Dataset records

++++++++++++++++++++

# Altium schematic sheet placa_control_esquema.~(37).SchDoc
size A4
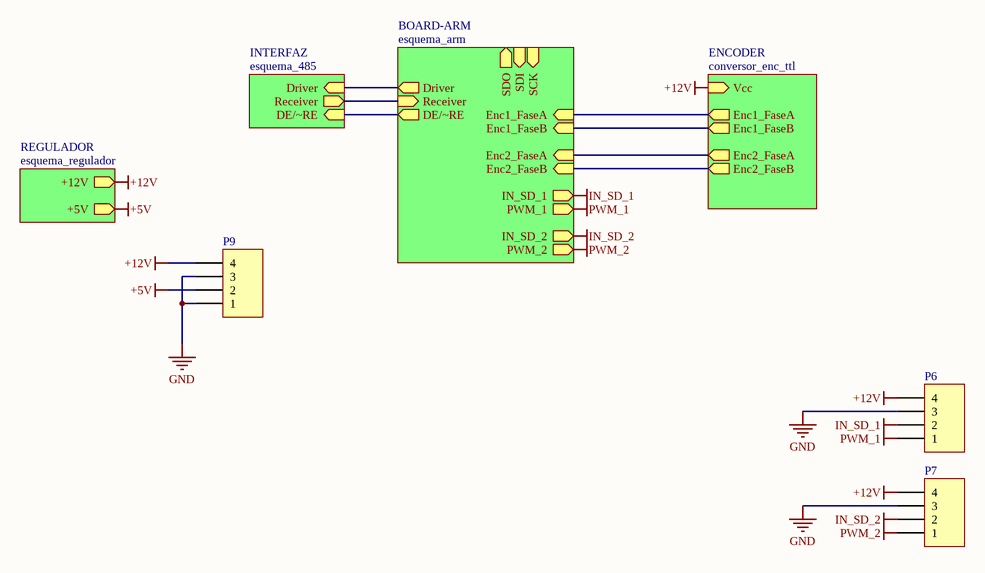
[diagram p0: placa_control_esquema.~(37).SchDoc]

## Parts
P6  Header 4  [HDR1X5]  (value not drawn)
P7  Header 4  [HDR1X5]  (value not drawn)
P9  Header 4  [HDR1X5]  (value not drawn)

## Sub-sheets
BOARD-ARM = esquema_arm: SDI (in), SDO (out), SCK (in), Enc1_FaseA (in), Enc1_FaseB (in), Enc2_FaseA (in), Enc2_FaseB (in), DE/~RE (out), Receiver (in), Driver (out), PWM_1 (out), PWM_2 (out), IN_SD_2 (out), IN_SD_1 (out)
ENCODER = conversor_enc_ttl: Enc1_FaseA (out), Enc1_FaseB (out), Enc2_FaseA (out), Enc2_FaseB (out), Vcc (in)
INTERFAZ = esquema_485: Driver (in), Receiver (out), DE/~RE (in)
REGULADOR = esquema_regulador: +12V (out), +5V (out)

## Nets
+5V: P9.2 ; sheet REGULADOR/+5V
+12V: P6.4 P7.4 P9.4 ; sheet REGULADOR/+12V, sheet ENCODER/Vcc
GND: P6.3 P7.3 P9.1 P9.3
IN_SD_1: P6.2 ; sheet BOARD-ARM/IN_SD_1
IN_SD_2: P7.2 ; sheet BOARD-ARM/IN_SD_2
PWM_1: P6.1 ; sheet BOARD-ARM/PWM_1
PWM_2: P7.1 ; sheet BOARD-ARM/PWM_2
(unnamed): sheet INTERFAZ/Driver, sheet BOARD-ARM/Driver
(unnamed): sheet INTERFAZ/Receiver, sheet BOARD-ARM/Receiver  [a separate net that carries the same name]
(unnamed): sheet INTERFAZ/DE/~RE, sheet BOARD-ARM/DE/~RE  [a separate net that carries the same name]
(unnamed): sheet BOARD-ARM/Enc1_FaseA, sheet ENCODER/Enc1_FaseA  [a separate net that carries the same name]
(unnamed): sheet BOARD-ARM/Enc1_FaseB, sheet ENCODER/Enc1_FaseB  [a separate net that carries the same name]
(unnamed): sheet BOARD-ARM/Enc2_FaseA, sheet ENCODER/Enc2_FaseA  [a separate net that carries the same name]
(unnamed): sheet BOARD-ARM/Enc2_FaseB, sheet ENCODER/Enc2_FaseB  [a separate net that carries the same name]

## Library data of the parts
P6 P7 P9 = Header 4: Header, 4-Pin; value: hdr1x5
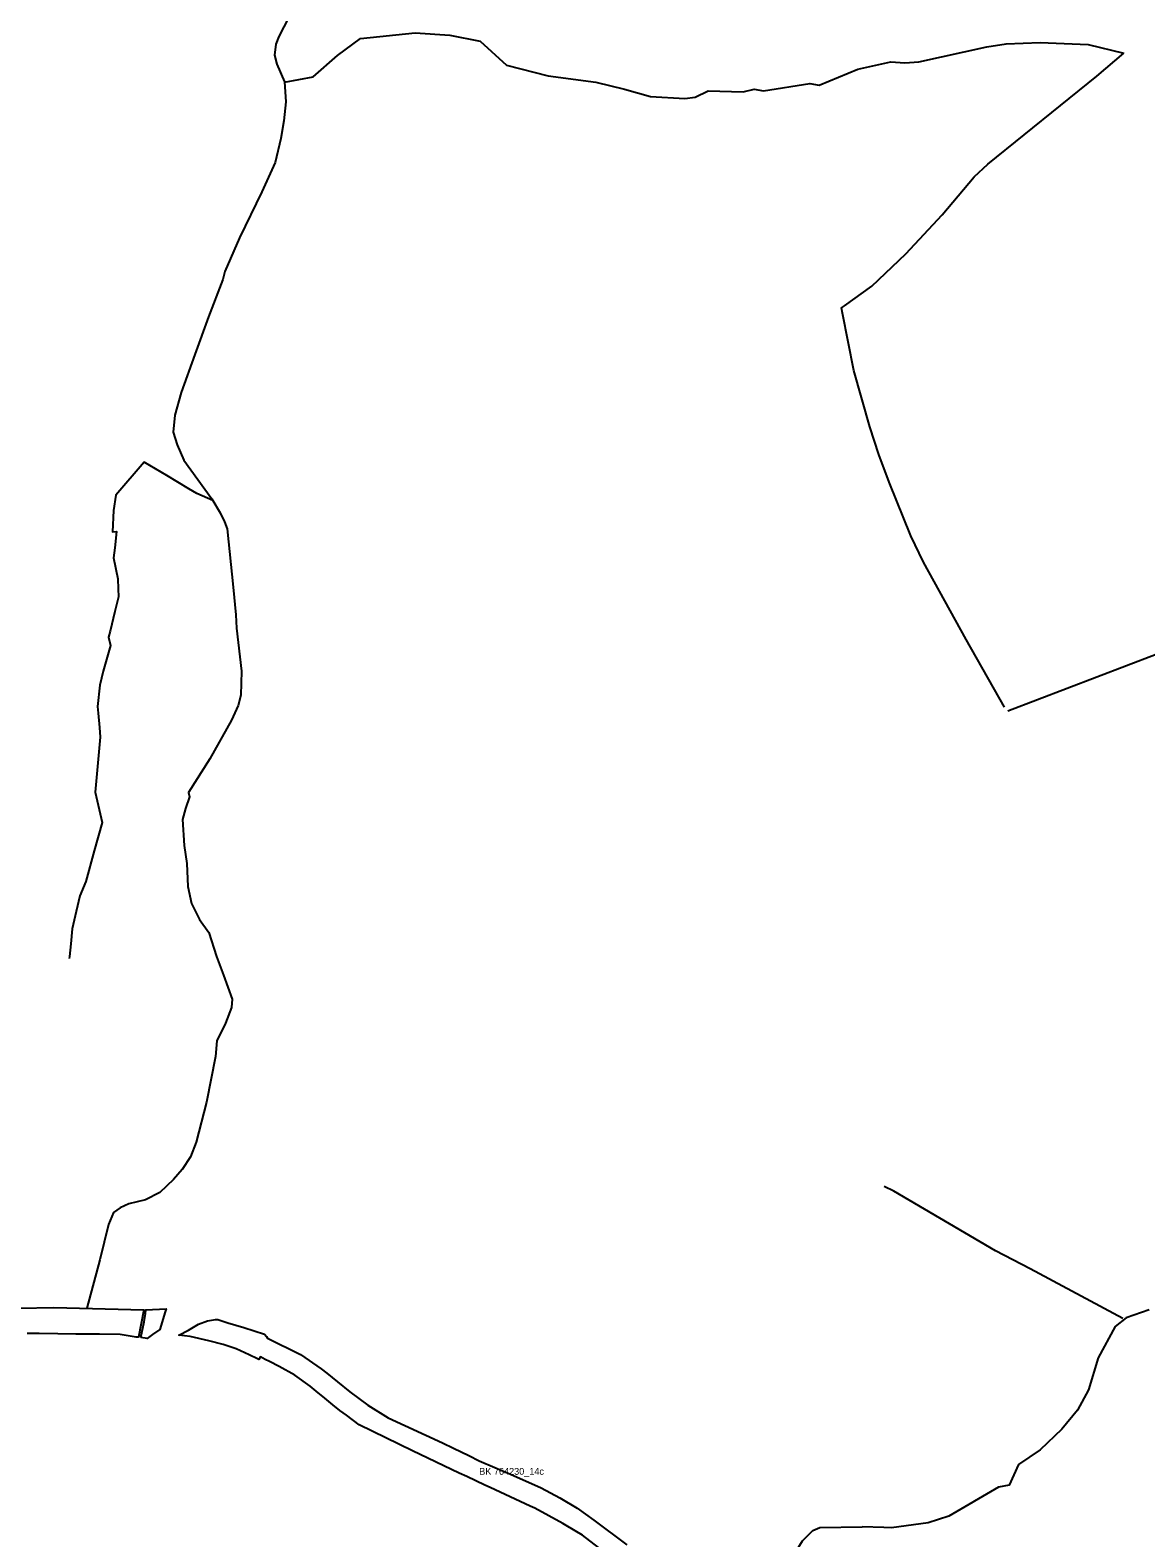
# Model space of a CAD drawing. Extents: x -521616 to -516782, y -1190061 to -1184927.
# Drawn here: x -519047 to -517900, y -1187423 to -1185873 of the extents above; entities that cross this region are included whole.
import ezdxf

# ---------------------------------------------------------------- set-up
doc = ezdxf.new("R2010")
doc.units = 0
for name, color, linetype in [('i_prvek_l_n', 7, 'Continuous'), ('i_prvek_l_s', 7, 'Continuous'), ('LBK_s', 7, 'Continuous')]:
    doc.layers.add(name, color=color, linetype=linetype)

msp = doc.modelspace()

# ---------------------------------------------------------------- linework, layer by layer
at = {"layer": 'i_prvek_l_n'}
for points in [[(-518045, -1186568.8), (-518084.4, -1186499.5), (-518128.4, -1186419.7), (-518141.4, -1186392.7), (-518163.7, -1186337.6), (-518174.3, -1186309), (-518183.5, -1186280.5), (-518199.9, -1186222.5), (-518211.5, -1186163.6), (-518212.7, -1186158.1), (-518209.5, -1186156.1), (-518181.5, -1186135.9), (-518146.4, -1186102.7), (-518109, -1186062.4), (-518076.2, -1186023.4), (-518062.1, -1186010.5), (-517950.1, -1185919.7), (-517922.3, -1185896.1)], [(-518327.8, -1187548.3), (-518252.9, -1187426.5), (-518242, -1187415.8), (-518235, -1187412.9), (-518191.3, -1187412)]]:
    msp.add_lwpolyline(points, dxfattribs=at)
at = {"layer": 'i_prvek_l_s'}
for points in [[(-518770.5, -1185838.3), (-518791.4, -1185879.2), (-518794.5, -1185886.9), (-518796, -1185898.4), (-518793.4, -1185907.6), (-518785.5, -1185925.6), (-518784.2, -1185946.2), (-518786.3, -1185965.8), (-518789.3, -1185983.9), (-518795.3, -1186008.6), (-518808.8, -1186038.9), (-518831.7, -1186086.1), (-518847.1, -1186120.8), (-518848.9, -1186129.1), (-518863.9, -1186167.3), (-518877.8, -1186206.3), (-518891.9, -1186245.3), (-518898.4, -1186268.6), (-518900, -1186285.9), (-518896, -1186299.2), (-518889, -1186315), (-518860.4, -1186354.5), (-518851.7, -1186369.2), (-518847.2, -1186378.4), (-518844.6, -1186385.4), (-518838.2, -1186445.5), (-518835.6, -1186474), (-518834.8, -1186487.6), (-518829.9, -1186532.1), (-518830.5, -1186556.5), (-518833.1, -1186567.1), (-518840, -1186582.5), (-518862.5, -1186622.2), (-518884.2, -1186656.9), (-518883.2, -1186661.2), (-518887.5, -1186673.2), (-518890.4, -1186684.5), (-518888.6, -1186711.4), (-518885.9, -1186729.7), (-518884.9, -1186753.4), (-518881.3, -1186771), (-518873.1, -1186787.4), (-518863.5, -1186800.9), (-518855.4, -1186825.3), (-518848.4, -1186844.8), (-518839.5, -1186869.2), (-518840, -1186878), (-518846.2, -1186893.9), (-518855.3, -1186912.1), (-518856.5, -1186928.3), (-518865.9, -1186975.2), (-518876.4, -1187016.4), (-518882.3, -1187031.4), (-518890.9, -1187044.7), (-518899.6, -1187054.9), (-518913.8, -1187068.2), (-518928.7, -1187075.7), (-518945.6, -1187079.9), (-518954.7, -1187084), (-518961.4, -1187088.8), (-518966.6, -1187101.1), (-518975.6, -1187137.4), (-518989, -1187187.3)], [(-518785.5, -1185925.9), (-518756.2, -1185920.6), (-518731.2, -1185898.6), (-518707.3, -1185881.2), (-518651.1, -1185875.4), (-518615.6, -1185877.8), (-518584.4, -1185884), (-518557.2, -1185908.5), (-518514.5, -1185919.6), (-518465.2, -1185926.1), (-518435.9, -1185933.1), (-518409.2, -1185940.6), (-518373.7, -1185942.7), (-518363.1, -1185941.4), (-518349.7, -1185935), (-518313.7, -1185936.1), (-518302.5, -1185933.3), (-518292.8, -1185935), (-518245.2, -1185927.5), (-518235.7, -1185929.2), (-518195.8, -1185912.8), (-518162, -1185905), (-518147.4, -1185906.2), (-518133.1, -1185905), (-518063.2, -1185889.7), (-518043.4, -1185886.5), (-518008.5, -1185885.1), (-517959.1, -1185887.2), (-517922.3, -1185896.1)], [(-518041.6, -1186572.7), (-517888.9, -1186514.4), (-517779.9, -1186466.6), (-517714.7, -1186413.9), (-517685.2, -1186383.8), (-517659.5, -1186362), (-517653.4, -1186355.5), (-517625.7, -1186334.2), (-517600.9, -1186315.4), (-517567.3, -1186288.9)], [(-518859.3, -1186356.3), (-518875.8, -1186349.3), (-518883.8, -1186344.5), (-518906.6, -1186330.5), (-518929.8, -1186317.1), (-518959.2, -1186350.8), (-518961.6, -1186366.5), (-518962.5, -1186388.6), (-518958.4, -1186388.1), (-518960.2, -1186405.1), (-518961.4, -1186415.5), (-518957.1, -1186437.1), (-518956.6, -1186447.2), (-518956.3, -1186455.3), (-518960.1, -1186470.7), (-518965, -1186490.7), (-518966.6, -1186497.1), (-518964.7, -1186505.4), (-518972, -1186531.8), (-518975.5, -1186546.2), (-518977.8, -1186568.4), (-518977.2, -1186575), (-518975.9, -1186589.8), (-518975, -1186599.9), (-518980.2, -1186656.5), (-518973.1, -1186687.6), (-518981.4, -1186716.6), (-518989.9, -1186748.3), (-518996.1, -1186763.1), (-518999.8, -1186779), (-519004, -1186797.1), (-519005.4, -1186812.4), (-519006.7, -1186825.4), (-519006.9, -1186827.5)], [(-517923.2, -1187197.9), (-518018.5, -1187146.7), (-518054.2, -1187128.2), (-518158.8, -1187066.8), (-518168.7, -1187062.2)], [(-517896.4, -1187189.1), (-517919.8, -1187197.1), (-517931.2, -1187206), (-517948.6, -1187238.3), (-517958.6, -1187271.3), (-517970, -1187292), (-517985.9, -1187311.7), (-518008.2, -1187333.1), (-518030.8, -1187347.9), (-518040.3, -1187369.3), (-518051.1, -1187371.3), (-518102.4, -1187401.3), (-518123.7, -1187408), (-518161.4, -1187413.1), (-518169, -1187412.9), (-518191.3, -1187412)]]:
    msp.add_lwpolyline(points, dxfattribs=at)
at = {"layer": 'LBK_s'}
for points in [[(-519058.1, -1187187.2), (-519022.8, -1187186.4), (-518930.1, -1187188.9), (-518935.7, -1187217.2), (-518938.1, -1187216.9), (-518954.5, -1187214.2), (-518975.7, -1187213.9), (-518979.7, -1187213.9), (-518997.6, -1187213.8), (-519000.3, -1187213.8), (-519018.8, -1187213.7), (-519037.8, -1187213.2), (-519050.3, -1187213.3)], [(-518462.6, -1187433.3), (-518479, -1187420.8), (-518495.8, -1187410.8), (-518499.2, -1187408.9), (-518528.1, -1187392.9), (-518532.8, -1187390.9), (-518574.2, -1187371.7), (-518579.5, -1187369.3), (-518597.9, -1187360.5), (-518605.8, -1187356.8), (-518654, -1187334), (-518708.7, -1187307.1), (-518721.8, -1187297.4), (-518728.6, -1187292.4), (-518735.7, -1187286.8), (-518744.2, -1187279.7), (-518752.9, -1187272.7), (-518759.3, -1187267.6), (-518775, -1187256.3), (-518791.1, -1187247.4), (-518801.1, -1187242.1), (-518805.4, -1187239.9), (-518810.4, -1187237.2), (-518812, -1187240.1), (-518813.4, -1187239.4), (-518822, -1187235.1), (-518835.4, -1187228.9), (-518848.8, -1187224.7), (-518863.3, -1187220.8), (-518882.5, -1187216.4), (-518894.3, -1187215), (-518884.4, -1187209.7), (-518874.1, -1187203.6), (-518864.6, -1187200.3), (-518856.6, -1187199), (-518854.2, -1187198.9), (-518843.8, -1187202.3), (-518827.5, -1187207.1), (-518806.1, -1187213.9), (-518804.2, -1187216.4), (-518802.9, -1187218), (-518769.2, -1187234.8), (-518747.8, -1187249.5), (-518741.9, -1187254.2), (-518731.1, -1187262.9), (-518718.5, -1187273.4), (-518699.8, -1187287), (-518678.9, -1187300), (-518623.2, -1187325.6), (-518611.7, -1187331.2), (-518596.1, -1187338.9), (-518585.5, -1187344.1), (-518553.1, -1187357.9), (-518521.6, -1187372.1), (-518502.5, -1187382.2), (-518484.7, -1187392.9), (-518467.3, -1187405.3), (-518433.5, -1187430.6)]]:
    msp.add_lwpolyline(points, dxfattribs=at)
msp.add_lwpolyline([(-518933.2, -1187217.5), (-518929.9, -1187201.2), (-518928.7, -1187192.6), (-518928.1, -1187188.9), (-518907.3, -1187187.8), (-518907.6, -1187188.8), (-518907.9, -1187189.9), (-518908.2, -1187191), (-518913.9, -1187209.3), (-518921.2, -1187214.4), (-518926.9, -1187218.3)], close=True, dxfattribs=at)

# ---------------------------------------------------------------- texts
msp.add_text('BK 764230_14c', height=7, dxfattribs=at).set_placement((-518585.3, -1187358.6))

doc.saveas('drawing.dxf')

++++++++++++++++++++

What the exercise asks
Print nothing except the lines above from the one containing "(unnamed): sheet BOARD-ARM/Enc1_FaseB, sheet" down to the one containing "# Model space", both included, exactly as written and free of pictures.

Response box
(unnamed): sheet BOARD-ARM/Enc1_FaseB, sheet ENCODER/Enc1_FaseB  [a separate net that carries the same name]
(unnamed): sheet BOARD-ARM/Enc2_FaseA, sheet ENCODER/Enc2_FaseA  [a separate net that carries the same name]
(unnamed): sheet BOARD-ARM/Enc2_FaseB, sheet ENCODER/Enc2_FaseB  [a separate net that carries the same name]

## Library data of the parts
P6 P7 P9 = Header 4: Header, 4-Pin; value: hdr1x5
# Model space of a CAD drawing. Extents: x -521616 to -516782, y -1190061 to -1184927.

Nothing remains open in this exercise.